Although they’re modeled after PHPs, IOPs don’t require as many hours per week—nine compared to 20 hours for PHPs. Also, the physicians aren’t required to document in the certification that the patient may be at risk for hospital admission if they don’t receive the services.
Although CMS was slower than commercial payers to cover IOPs, it’s more generous, Rackley said. It includes occupational and activity therapy that may not be covered by a private payer.

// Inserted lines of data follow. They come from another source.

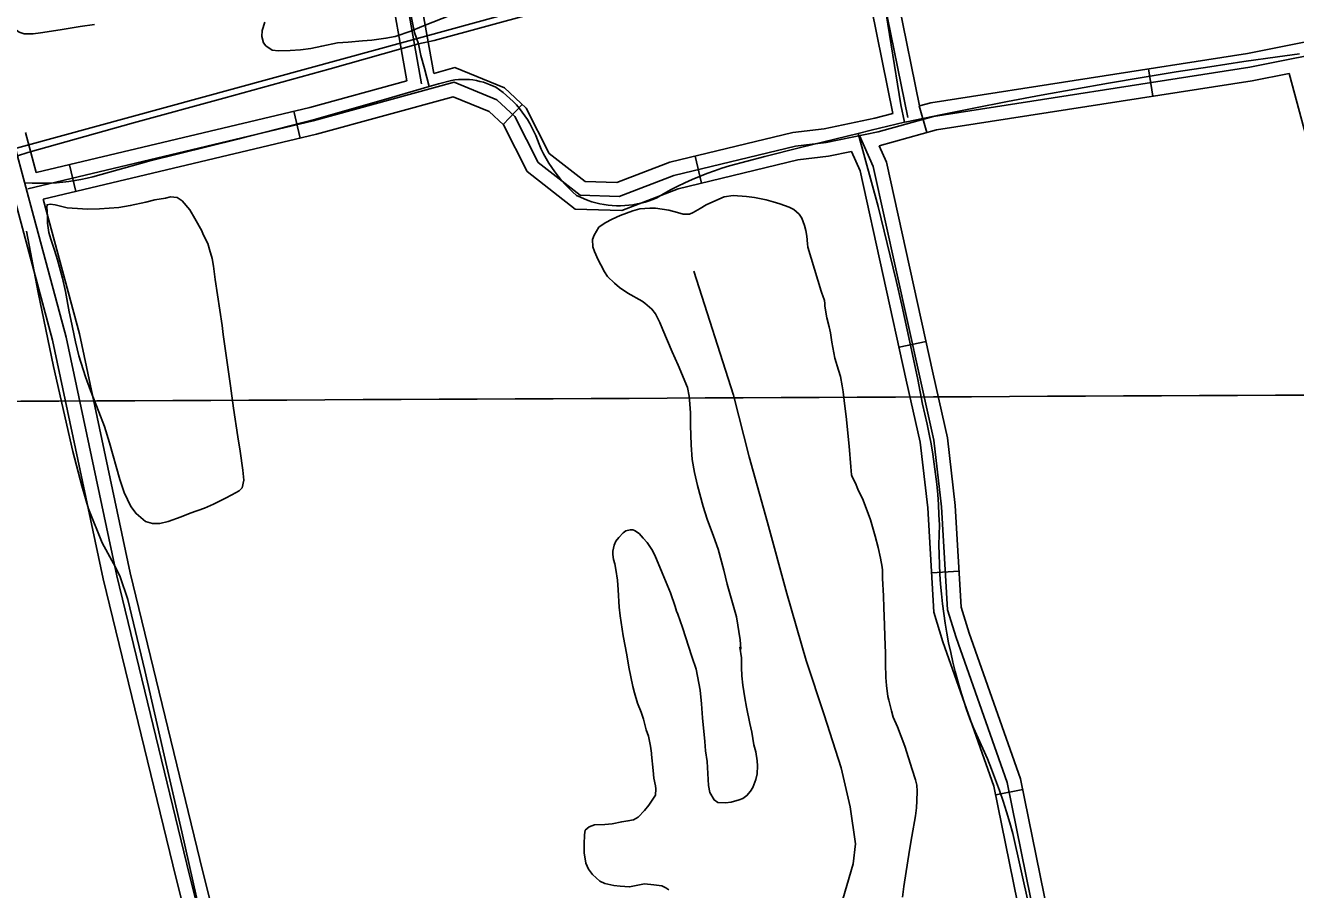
# Model space of a CAD drawing. Extents: x 3424494 to 3462436, y 522220 to 547718.
# Drawn here: x 3455330 to 3456707, y 539321 to 540259 of the extents above; entities that cross this region are included whole.
import ezdxf

# ---------------------------------------------------------------- set-up
doc = ezdxf.new("R2010")
doc.units = 0
for name, color, linetype in [('V-DTCH-CNTR', 7, 'Continuous'), ('V-GRID-MAJR', 7, 'Continuous'), ('V-RAIL-TRAK', 7, 'Continuous'), ('V-ROAD-CNTR', 7, 'Continuous'), ('V-SITE-VEGE', 7, 'Continuous'), ('V-TOPO-SHOR', 7, 'Continuous')]:
    doc.layers.add(name, color=color, linetype=linetype)

msp = doc.modelspace()

# ---------------------------------------------------------------- linework, layer by layer
at = {"layer": 'V-DTCH-CNTR'}
for points in [[(3456247.2, 540372.7), (3456258.5, 540302.9), (3456279.5, 540172.7), (3456283.5, 540153.6)], [(3455747.5, 540273.7), (3455752.1, 540250.9), (3455756.3, 540238.6), (3455758.8, 540226.2), (3455762.8, 540211.9), (3455768, 540192.3)], [(3456170.4, 540126.2), (3456233.1, 540141.6), (3456247.3, 540145.1), (3456283.5, 540153.6), (3456285.8, 540154.1), (3456322.2, 540161.6), (3456358.6, 540169), (3456395, 540176.1), (3456431.5, 540183), (3456468, 540189.6), (3456504.5, 540196), (3456541.1, 540202.2), (3456577.7, 540208.2), (3456614.4, 540213.9), (3456651.1, 540219.4), (3456687.8, 540224.7), (3456711.5, 540227.9)], [(3455330.8, 540088.1), (3455337.5, 540087.7), (3455344.1, 540087.5), (3455350.8, 540087.5), (3455357.5, 540087.7), (3455364.1, 540088.1), (3455370.8, 540088.7), (3455377.4, 540089.4), (3455384, 540090.4), (3455390.5, 540091.6), (3455397.1, 540093), (3455403.5, 540094.6), (3455464.1, 540111.3), (3455562.2, 540135.5), (3455645.1, 540156.9), (3455724.7, 540179.9), (3455768, 540192.3), (3455778.2, 540195.2), (3455792.2, 540198.8), (3455796, 540199.5), (3455799.9, 540199.9), (3455803.8, 540200.1), (3455807.7, 540200.1), (3455811.6, 540199.9), (3455815.5, 540199.5), (3455819.3, 540198.8), (3455823.1, 540198), (3455826.9, 540197), (3455830.6, 540195.7), (3455834.2, 540194.3), (3455840.2, 540191.7)], [(3455840.2, 540191.7), (3455844.2, 540188.9), (3455848.2, 540185.9), (3455852, 540182.7), (3455855.6, 540179.4), (3455859.2, 540176), (3455862.6, 540172.4), (3455865.8, 540168.6), (3455868.9, 540164.7), (3455871.8, 540160.7), (3455874.5, 540156.6), (3455877.1, 540152.4), (3455879.4, 540148.1), (3455881.6, 540143.7), (3455883.7, 540139.2), (3455885.5, 540134.6), (3455887.1, 540129.9), (3455889.5, 540124.6), (3455892, 540119.4), (3455894.8, 540114.3), (3455897.7, 540109.3), (3455900.9, 540104.4), (3455904.2, 540099.7), (3455907.7, 540095.1), (3455911.4, 540090.6), (3455915.3, 540086.3), (3455919.3, 540082.1), (3455923.5, 540078.1), (3455927.8, 540074.3), (3455931.9, 540072.3), (3455936, 540070.5), (3455940.2, 540068.9), (3455944.5, 540067.5), (3455948.8, 540066.3), (3455953.2, 540065.3), (3455957.6, 540064.4), (3455962, 540063.8), (3455966.5, 540063.4), (3455971, 540063.1), (3455975.5, 540063.1), (3455980, 540063.3), (3455984.5, 540063.6), (3455988.9, 540064.2), (3455993.4, 540065), (3455997.7, 540065.9), (3456002.1, 540067.1), (3456006.4, 540068.4), (3456010.6, 540070), (3456014.8, 540071.7), (3456022.2, 540076.1), (3456029.8, 540080.2), (3456037.5, 540084.2), (3456045.3, 540087.9), (3456053.1, 540091.5), (3456061.1, 540094.9), (3456069.1, 540098.1), (3456077.3, 540101), (3456085.4, 540103.8), (3456093.7, 540106.3), (3456132, 540116.4), (3456170.4, 540126.2)], [(3456233.1, 540141.6), (3456240.4, 540115.2), (3456247.6, 540088.7), (3456254.6, 540062.1), (3456261.3, 540035.5), (3456267.9, 540008.8), (3456274.2, 539982.1), (3456280.4, 539955.3), (3456286.3, 539928.5), (3456292, 539901.6), (3456297.6, 539874.7), (3456302.9, 539847.8), (3456305.5, 539837.1), (3456307.9, 539826.3), (3456310.2, 539815.5), (3456312.2, 539804.7), (3456314, 539793.8), (3456315.6, 539782.9), (3456317.1, 539771.9), (3456318.3, 539761), (3456319.3, 539750), (3456320.1, 539739), (3456320.7, 539728), (3456321.1, 539716.9), (3456320.8, 539706.2), (3456320.7, 539695.5), (3456320.8, 539684.8), (3456321.1, 539674.1), (3456321.6, 539663.4), (3456322.4, 539652.7), (3456323.3, 539642.1), (3456324.5, 539631.4), (3456325.9, 539620.8), (3456327.4, 539610.2), (3456329.2, 539599.7), (3456331.2, 539589.1), (3456333.4, 539578.7), (3456335.8, 539568.2), (3456338.4, 539557.8), (3456341.2, 539547.5), (3456344.1, 539537.2), (3456347.3, 539527), (3456350.7, 539516.9), (3456354.3, 539506.8), (3456358.1, 539496.8), (3456363.3, 539485.7), (3456368.4, 539474.5), (3456373.2, 539463.3), (3456377.8, 539451.9), (3456382.1, 539440.5), (3456386.3, 539429), (3456390.2, 539417.4), (3456394, 539405.7), (3456397.5, 539394), (3456400.7, 539382.2), (3456427, 539264)], [(3455331.6, 540035.6), (3455344, 539968.9), (3455360.8, 539888.7), (3455381.6, 539796.5), (3455391.4, 539759.2), (3455398.7, 539734.4), (3455413.6, 539697.5), (3455427.8, 539671), (3455433, 539660.5), (3455441.5, 539636), (3455459.9, 539559.2), (3455483.6, 539454.6), (3455499.8, 539384), (3455519.6, 539295.4)]]:
    msp.add_lwpolyline(points, dxfattribs=at)
at = {"layer": 'V-GRID-MAJR'}
msp.add_spline([(3428572.5, 539732.2), (3433848.9, 539754.1), (3439125.2, 539776.7), (3444401.6, 539800.1), (3449677.9, 539824.3), (3454954.3, 539849.2), (3460230.7, 539875)], degree=3, dxfattribs=at)
at = {"layer": 'V-RAIL-TRAK'}
for points in [[(3456049.4, 540317.8), (3456042.9, 540316.1), (3455773.3, 540242.3)], [(3454015.5, 539758.4), (3454104, 539781.7), (3454198.4, 539808.3), (3454304.5, 539838.6), (3454410.5, 539867.8), (3454516.9, 539896.9), (3454575.6, 539912.9), (3454664.1, 539936.9), (3454745.3, 539958.8), (3454827.2, 539981.7), (3454929.4, 540010.2), (3455030.4, 540037.9), (3455132.1, 540065.9), (3455229.6, 540092.9), (3455321.7, 540117.2), (3455332.9, 540120.9), (3455447.5, 540153), (3455545.4, 540179.9), (3455660.7, 540211.6), (3455756.3, 540238.6), (3455773.3, 540242.3)]]:
    msp.add_lwpolyline(points, dxfattribs=at)
at = {"layer": 'V-ROAD-CNTR'}
for p, q in [((3456547.9, 540211.5), (3456552.5, 540181.9)), ((3455868.7, 540173), (3455848.2, 540151.1)), ((3455621.2, 540165.5), (3455628.2, 540136.3)), ((3456299.4, 540171.3), (3456307.5, 540142.4)), ((3455378, 540107.6), (3455385, 540078.5)), ((3456056.2, 540116.8), (3456063.3, 540087.6)), ((3456277.4, 539909.6), (3456306.7, 539916)), ((3456312.7, 539665.1), (3456342.6, 539666.8)), ((3456382.2, 539424.1), (3456411.6, 539430.1))]:
    msp.add_line(p, q, dxfattribs=at)
for points in [[(3455233.8, 544611.3), (3455300.5, 544589.2), (3455310.1, 544570.9), (3455341.6, 544456.8), (3455381.1, 544271.2), (3455498.7, 543742.4), (3455555.6, 543473.7), (3455660.7, 542995.9), (3455745.1, 542606.2), (3455870.9, 542018.7), (3455963.5, 541628.7), (3455996.7, 541458.4), (3456054.2, 541203.5), (3456082.1, 541129.5), (3456084, 541056.6), (3456109, 540947.8), (3456190.4, 540583.2), (3456210.7, 540538.7), (3456239.3, 540392.9), (3456286.8, 540158.8)], [(3455759.6, 540195.4), (3455738, 540317.6), (3455731.5, 540372.5), (3455702.9, 540476.5), (3455696.7, 540496.1), (3455683.5, 540565.6), (3455588.3, 540989.5), (3455483.6, 541409.6), (3455359.3, 541954.1), (3455223.6, 542539.2), (3455030.3, 543350), (3454934.9, 543727.1), (3454851.4, 544088.3), (3454805.1, 544293.8), (3454776.5, 544429.9)], [(3455743.8, 540198.6), (3455723.2, 540315.4), (3455716.8, 540369.7), (3455688.5, 540472.2), (3455682.1, 540492.5), (3455668.8, 540562.6), (3455573.7, 540986.1), (3455469, 541406.1), (3455344.7, 541950.7), (3455209, 542535.8), (3455015.8, 543346.4), (3454977.2, 543498.7)], [(3455772.9, 540206.5), (3455752.8, 540319.8), (3455746.3, 540375.4), (3455717.3, 540480.7), (3455711.3, 540499.8), (3455698.1, 540568.7), (3455602.9, 540993), (3455498.2, 541413.1), (3455373.9, 541957.5), (3455238.2, 542542.6), (3455044.9, 543353.6), (3455009, 543495.4)], [(3460220.1, 541472.9), (3459661.9, 541319.1), (3459015.8, 541145.1), (3458630.2, 541040.6), (3458312.7, 540952), (3457852.3, 540825.6), (3457381.1, 540695.4), (3456837.8, 540543.1), (3456288.2, 540390.9), (3455711.5, 540232.6), (3455213.3, 540096.2), (3454587.9, 539924.9), (3453989.4, 539762.1)], [(3456076.9, 541020.8), (3456094.4, 540944.5), (3456176.1, 540578.4), (3456196.4, 540534.1), (3456224.6, 540390), (3456270.6, 540163.3)], [(3456113.6, 540994.7), (3456123.7, 540951.1), (3456204.7, 540588), (3456225.1, 540543.4), (3456254, 540395.8), (3456299.6, 540171.3)], [(3456299.6, 540171.3), (3456311.8, 540174.7), (3456655, 540228.3), (3456859.6, 540268.9)], [(3455332.9, 540081.5), (3455642.3, 540155.1), (3455795, 540197.1), (3455841.4, 540178.1), (3455860.9, 540159.8), (3455886.1, 540110.1), (3455931.7, 540074.4), (3455974.1, 540073.1), (3456033.3, 540095.8), (3456165, 540127.7), (3456198.5, 540131.7), (3456254.6, 540143.3), (3456314.9, 540160), (3456657.6, 540213.5), (3456862.5, 540254.1)], [(3455772.9, 540206.5), (3455796, 540212.9), (3455849.7, 540190.9), (3455873.1, 540168.9), (3455898, 540119.8), (3455937.1, 540089.2), (3455971.5, 540088.2), (3456028.9, 540110.2), (3456162.3, 540142.5), (3456196.1, 540146.6), (3456251.1, 540157.9), (3456270.6, 540163.3)], [(3456255.9, 540128.1), (3456318.1, 540145.4), (3456660.3, 540198.7), (3456700.2, 540206.6)], [(3457105, 538484.3), (3457008.7, 538897), (3456952, 539144.9), (3456884.5, 539451.3), (3456828.6, 539642.7), (3456737.9, 540067), (3456700.2, 540206.6)], [(3455342, 540099.1), (3455638.6, 540169.7), (3455743.8, 540198.6)], [(3455349.7, 540070.1), (3455646, 540140.6), (3455794.1, 540181.3), (3455833.2, 540165.3), (3455848.7, 540150.7), (3455874.3, 540100.3), (3455926.3, 540059.5), (3455976.7, 540058.1), (3456037.8, 540081.5), (3456167.7, 540112.9), (3456200.9, 540116.9), (3456225.7, 540122)], [(3455876.3, 537654.4), (3455807.3, 537954.2), (3455800.9, 538027.7), (3455689.1, 538514.4), (3455586, 538966.4), (3455493.6, 539333.6), (3455414.7, 539658.3), (3455359.7, 539917.2), (3455323, 540053.7), (3455301.5, 540134.7)], [(3455890.9, 537657.7), (3455822.2, 537956.6), (3455815.7, 538030), (3455703.8, 538517.8), (3455600.6, 538969.9), (3455508.1, 539337.2), (3455429.4, 539661.6), (3455374.3, 539920.7), (3455337.5, 540057.6), (3455316, 540138.6)], [(3455342, 540099.1), (3455330.5, 540142.4)], [(3456675.3, 538157.4), (3456570, 538633.3), (3456526.7, 538817.8), (3456475.7, 539038.5), (3456394.7, 539437.7), (3456339.2, 539594.8), (3456330.1, 539624.9), (3456323.5, 539736.7), (3456315.1, 539809), (3456299.9, 539877), (3456249.5, 540105.8), (3456234.4, 540139.1)], [(3456660.7, 538154.2), (3456555.4, 538629.9), (3456512.1, 538814.4), (3456461.1, 539035.4), (3456380.2, 539433.6), (3456324.9, 539590.1), (3456315.2, 539622.3), (3456308.5, 539735.4), (3456300.3, 539806.5), (3456285.3, 539873.8), (3456235.2, 540101), (3456225.7, 540122)], [(3456690, 538160.6), (3456584.6, 538636.6), (3456541.3, 538821.2), (3456490.4, 539041.7), (3456409.2, 539441.7), (3456353.5, 539599.5), (3456344.9, 539627.6), (3456338.4, 539738), (3456329.9, 539811.5), (3456314.5, 539880.3), (3456263.8, 540110.5), (3456255.9, 540128.1)], [(3455905.6, 537661.1), (3455837, 537958.9), (3455830.6, 538032.4), (3455718.4, 538521.1), (3455615.2, 538973.4), (3455522.7, 539340.8), (3455444, 539665), (3455388.8, 539924.2), (3455349.7, 540070.1)]]:
    msp.add_lwpolyline(points, dxfattribs=at)
at = {"layer": 'V-SITE-VEGE'}
for points in [[(3455794.1, 540270.8), (3455760.2, 540257.6), (3455748, 540252.4), (3455731.2, 540246.7), (3455721.2, 540244.7), (3455706, 540242.8), (3455695.8, 540241.8), (3455680.3, 540240.4), (3455668.7, 540239.6), (3455651.5, 540236.3), (3455639.6, 540233.7), (3455628.4, 540232.1), (3455617.4, 540231.3), (3455604.5, 540231.2), (3455597.9, 540231.9), (3455591, 540236.6), (3455588.5, 540239.6), (3455586.6, 540246.8), (3455587.1, 540253.1), (3455589.7, 540262.3)], [(3455405.2, 540259.8), (3455389.5, 540257.5), (3455367.9, 540253.9), (3455346.6, 540250.6), (3455338.8, 540249.6), (3455329, 540249.7), (3455323.5, 540251.2), (3455316.4, 540256.9), (3455313.1, 540260.4)], [(3456116.4, 539428.1), (3456118.8, 539432.2), (3456122, 539440.7), (3456123.5, 539446.9), (3456123.8, 539455.6), (3456123.7, 539461.2), (3456122.1, 539470.8), (3456120, 539478.6), (3456117.7, 539492.2), (3456115.8, 539501.6), (3456111.9, 539519.3), (3456110.1, 539529.5), (3456108.2, 539543.3), (3456107.1, 539553.3), (3456106.7, 539562.4), (3456106.5, 539572.6), (3456104.9, 539584.2), (3456106, 539582.4), (3456105, 539592.3), (3456101.2, 539617.3), (3456091.1, 539652.7), (3456087.4, 539667.9), (3456081.4, 539690.5), (3456076.2, 539704.7), (3456069.4, 539723.2), (3456065.2, 539737), (3456058.8, 539759.6), (3456055.5, 539773.6), (3456053.2, 539787.9), (3456052, 539803.7), (3456051.2, 539824.6), (3456051.2, 539838.5), (3456050.3, 539852.5), (3456049.7, 539856.7), (3456048.1, 539866.1), (3456038, 539890.1), (3456031.4, 539904.6), (3456021.5, 539928.6), (3456018.2, 539936.3), (3456013.4, 539945.9), (3456009.5, 539951), (3456001.7, 539957.5), (3455998.9, 539959.5), (3455983.5, 539968.1), (3455974.5, 539974.4), (3455968.8, 539979.1), (3455961.5, 539986.2), (3455958, 539991.4), (3455954, 539998.9), (3455951.3, 540004.3), (3455947.2, 540013.3), (3455945.3, 540018.7), (3455945.1, 540026.5), (3455947, 540031.3), (3455952.1, 540039.7), (3455958.7, 540044.6), (3455966.4, 540048.4), (3455975.2, 540052.5), (3455988.8, 540057.6), (3455996.4, 540059.7), (3456007.4, 540060.5), (3456013.5, 540060.4), (3456027.8, 540058.2), (3456037.2, 540055.6), (3456043.3, 540054.1), (3456050.1, 540054), (3456054.3, 540055.7), (3456061.9, 540060), (3456068.2, 540063.9), (3456075.4, 540067.5), (3456088, 540072.9), (3456097.6, 540074.1), (3456112.1, 540073.1), (3456120.7, 540072.1), (3456133.4, 540069.5), (3456140.9, 540067.4), (3456148.2, 540065.1), (3456158.3, 540061.5), (3456163.2, 540058.9), (3456169.1, 540054), (3456171.9, 540049.6), (3456174.9, 540041.7), (3456176.2, 540036.1), (3456177.5, 540030), (3456178.2, 540021.8), (3456178.6, 540018.2)], [(3456178.6, 540018.2), (3456192.8, 539970.4), (3456193.6, 539968.2), (3456194.9, 539965.3), (3456196.6, 539960.3), (3456197, 539957.2), (3456196.9, 539954.4), (3456198, 539947.6), (3456199.3, 539941.6), (3456201.7, 539931.8), (3456203, 539925.2), (3456204.4, 539915), (3456207.9, 539897.8), (3456211.9, 539884.6), (3456213.8, 539877.8), (3456215.8, 539867.6), (3456216.9, 539861.4), (3456218.6, 539845.9), (3456220, 539834.5), (3456223.2, 539802.4), (3456225.3, 539780.1), (3456225.7, 539771.1), (3456226.7, 539768.9), (3456230.1, 539762.3), (3456232.8, 539755.8), (3456238.6, 539743.6), (3456246.4, 539722.6), (3456251.7, 539704.6), (3456254.8, 539692.4), (3456257.2, 539680.8), (3456259.1, 539671.2), (3456259.4, 539667.8), (3456259.6, 539658.8), (3456260.5, 539640.1), (3456260.9, 539627.1), (3456261.8, 539608.4), (3456262, 539595.9), (3456262.7, 539577.9), (3456262.7, 539566.6), (3456263, 539551.6), (3456263.7, 539542.9), (3456265.3, 539530.9), (3456266.2, 539526.9), (3456269.2, 539515.3), (3456271.2, 539508.5), (3456275.9, 539498.1), (3456283.7, 539476.8), (3456291.8, 539451.6), (3456295.2, 539440.6), (3456296.7, 539434.6), (3456297, 539428), (3456296.8, 539417.7), (3456296.3, 539410.1), (3456295.1, 539401.6), (3456291.4, 539378.9), (3456288.7, 539364.3), (3456282.7, 539324.7), (3456281.1, 539313.2)], [(3456027.8, 539321.1), (3456024.4, 539323.5), (3456020.3, 539325.6), (3456011.7, 539326.7), (3456001.4, 539327.5), (3455985.2, 539324.4), (3455974.9, 539325.1), (3455968.1, 539326), (3455958.4, 539328), (3455953.1, 539330.5), (3455945, 539337.8), (3455940.9, 539343.6), (3455937.7, 539350.1), (3455935.9, 539361.2), (3455936.2, 539370.8), (3455936.4, 539380.7), (3455937.3, 539385.7), (3455941.3, 539389.6), (3455947.3, 539391.5), (3455958.3, 539391.9), (3455966.3, 539392.8), (3455976.8, 539395), (3455983.4, 539395.9), (3455989.4, 539397), (3455994.5, 539400.1), (3456001.3, 539407.1), (3456006.2, 539413), (3456011.3, 539420.5), (3456013.2, 539423.8), (3456013.9, 539430.6), (3456013.5, 539433.8), (3456011.7, 539442.2), (3456011, 539450.6), (3456009.1, 539467.9), (3456009.2, 539469.5), (3456008.1, 539476.9), (3456005.9, 539487.7), (3456003.4, 539494.7), (3456000.2, 539506.3), (3455997.8, 539513.9), (3455993.9, 539523.5), (3455990.6, 539534.7), (3455988.9, 539541.7), (3455984.5, 539562.7), (3455982.3, 539576.1), (3455978.2, 539596.5), (3455975, 539618.2), (3455974, 539627.8), (3455972.9, 539646.5), (3455972.1, 539656.9), (3455970.5, 539668.5), (3455969.2, 539674.7), (3455967.9, 539679.3), (3455967.2, 539684.9), (3455967.3, 539688.4), (3455968.6, 539695), (3455970.4, 539699.3), (3455973.5, 539703.3), (3455978.3, 539708.4), (3455981.2, 539710.5), (3455986, 539711.6), (3455988.8, 539711.6), (3455990.7, 539710.9), (3455995.7, 539707.5), (3456000.1, 539702.6), (3456004.3, 539698), (3456009.5, 539690.1), (3456012.8, 539684.1), (3456020.6, 539664.8), (3456029.6, 539643.2), (3456034.7, 539628.6), (3456036.2, 539623.4), (3456037.6, 539620), (3456042.7, 539605.5), (3456052.9, 539574.1), (3456057.5, 539560.5), (3456061.9, 539537.7), (3456063.2, 539523), (3456064.4, 539507.8), (3456066.9, 539481.9), (3456067.7, 539471.9), (3456069.3, 539460.3), (3456070.9, 539434.2), (3456072.4, 539426.6), (3456076.8, 539418.6), (3456080.9, 539415.9), (3456089.1, 539415.6), (3456095.3, 539416.1), (3456104.1, 539418.7), (3456108.1, 539420.1), (3456112.5, 539423.4), (3456116.4, 539428.1)]]:
    msp.add_lwpolyline(points, dxfattribs=at)
msp.add_lwpolyline([(3455535.9, 539983.2), (3455543.6, 539933.1), (3455544.8, 539923.6), (3455552.8, 539867.7), (3455555.8, 539843.7), (3455560.5, 539812.4), (3455563, 539796.8), (3455566, 539776.3), (3455567.2, 539765.5), (3455565.3, 539757.2), (3455561.9, 539754), (3455554, 539749.6), (3455547.2, 539745.9), (3455534.3, 539739.4), (3455524.5, 539735), (3455508.9, 539729.6), (3455499.3, 539725.8), (3455485.2, 539720.5), (3455476, 539718.6), (3455467.9, 539718.4), (3455460.3, 539720.7), (3455450.3, 539729.2), (3455444.5, 539736.9), (3455437.4, 539752.2), (3455432.8, 539766.2), (3455421.4, 539805.8), (3455415.9, 539823.6), (3455410, 539839.6), (3455400.8, 539862.7), (3455395.3, 539877.7), (3455388.3, 539900.3), (3455384.6, 539915.5), (3455379.4, 539939.7), (3455377.8, 539948.1), (3455373.8, 539970), (3455370.6, 539984.4), (3455365, 540004.6), (3455361.8, 540014.9), (3455357.8, 540026.7), (3455355.5, 540034.1), (3455354.3, 540044.2), (3455354.4, 540051.8), (3455353.6, 540061.4), (3455353.8, 540064.2), (3455357.2, 540064.7), (3455362.4, 540064), (3455375.7, 540060.8), (3455380.9, 540060.3), (3455398, 540059.2), (3455410.7, 540059.6), (3455431.4, 540061.3), (3455444, 540063.2), (3455461, 540066.9), (3455470.6, 540069.4), (3455482.2, 540071.4), (3455487.4, 540072.9), (3455494.7, 540071.9), (3455500.1, 540068.5), (3455508.7, 540058.6), (3455513.9, 540049.1), (3455521.4, 540035.9), (3455523.1, 540032), (3455528, 540022.2), (3455529.8, 540015.6), (3455532.9, 540006), (3455534.1, 539997.6)], close=True, dxfattribs=at)
at = {"layer": 'V-TOPO-SHOR'}
msp.add_lwpolyline([(3456054.8, 539992.1), (3456098.1, 539857.8), (3456115, 539790.7), (3456134.7, 539719.4), (3456155.7, 539642.6), (3456176.7, 539570), (3456196.3, 539511.1), (3456214.5, 539453.5), (3456224.4, 539411), (3456230.1, 539371.2), (3456227.5, 539349.2), (3456214.1, 539302.5)], dxfattribs=at)

doc.saveas('drawing.dxf')

In terms of documentation and supervision requirements, Medicare requires physicians to certify that the patient requires at least nine hours of services a week. The certification should include the diagnosis and need for intensive outpatient services, which will be provided under an individualized plan of care that includes intensive services “reasonable and necessary to treat the presentation of serious psychiatric symptoms (including SUD) and to prevent relapse or hospitalization.” CMS noted that a treatment plan “should document ongoing efforts to restore the individual patient to a higher level of functioning that would permit discharge from the program, or reflect the continued need for the intensity of the active therapy to maintain the individual’s condition and functional level and to prevent relapse or hospitalization. Activities that are primarily recreational and diversionary, or provide only a level of functional support that does not treat the serious presenting psychiatric symptoms (including SUD) placing the patient at risk, do not qualify as intensive outpatient program services.”
Physicians are also required to sign a recertification every 60 days that explains the patient’s response to the IOP’s therapeutic interventions, their symptoms and treatment goals.
CMS noted in an MLN Matters (13,496) that hospitals and community mental health centers must put condition code 92 on claims for IOP services.[4]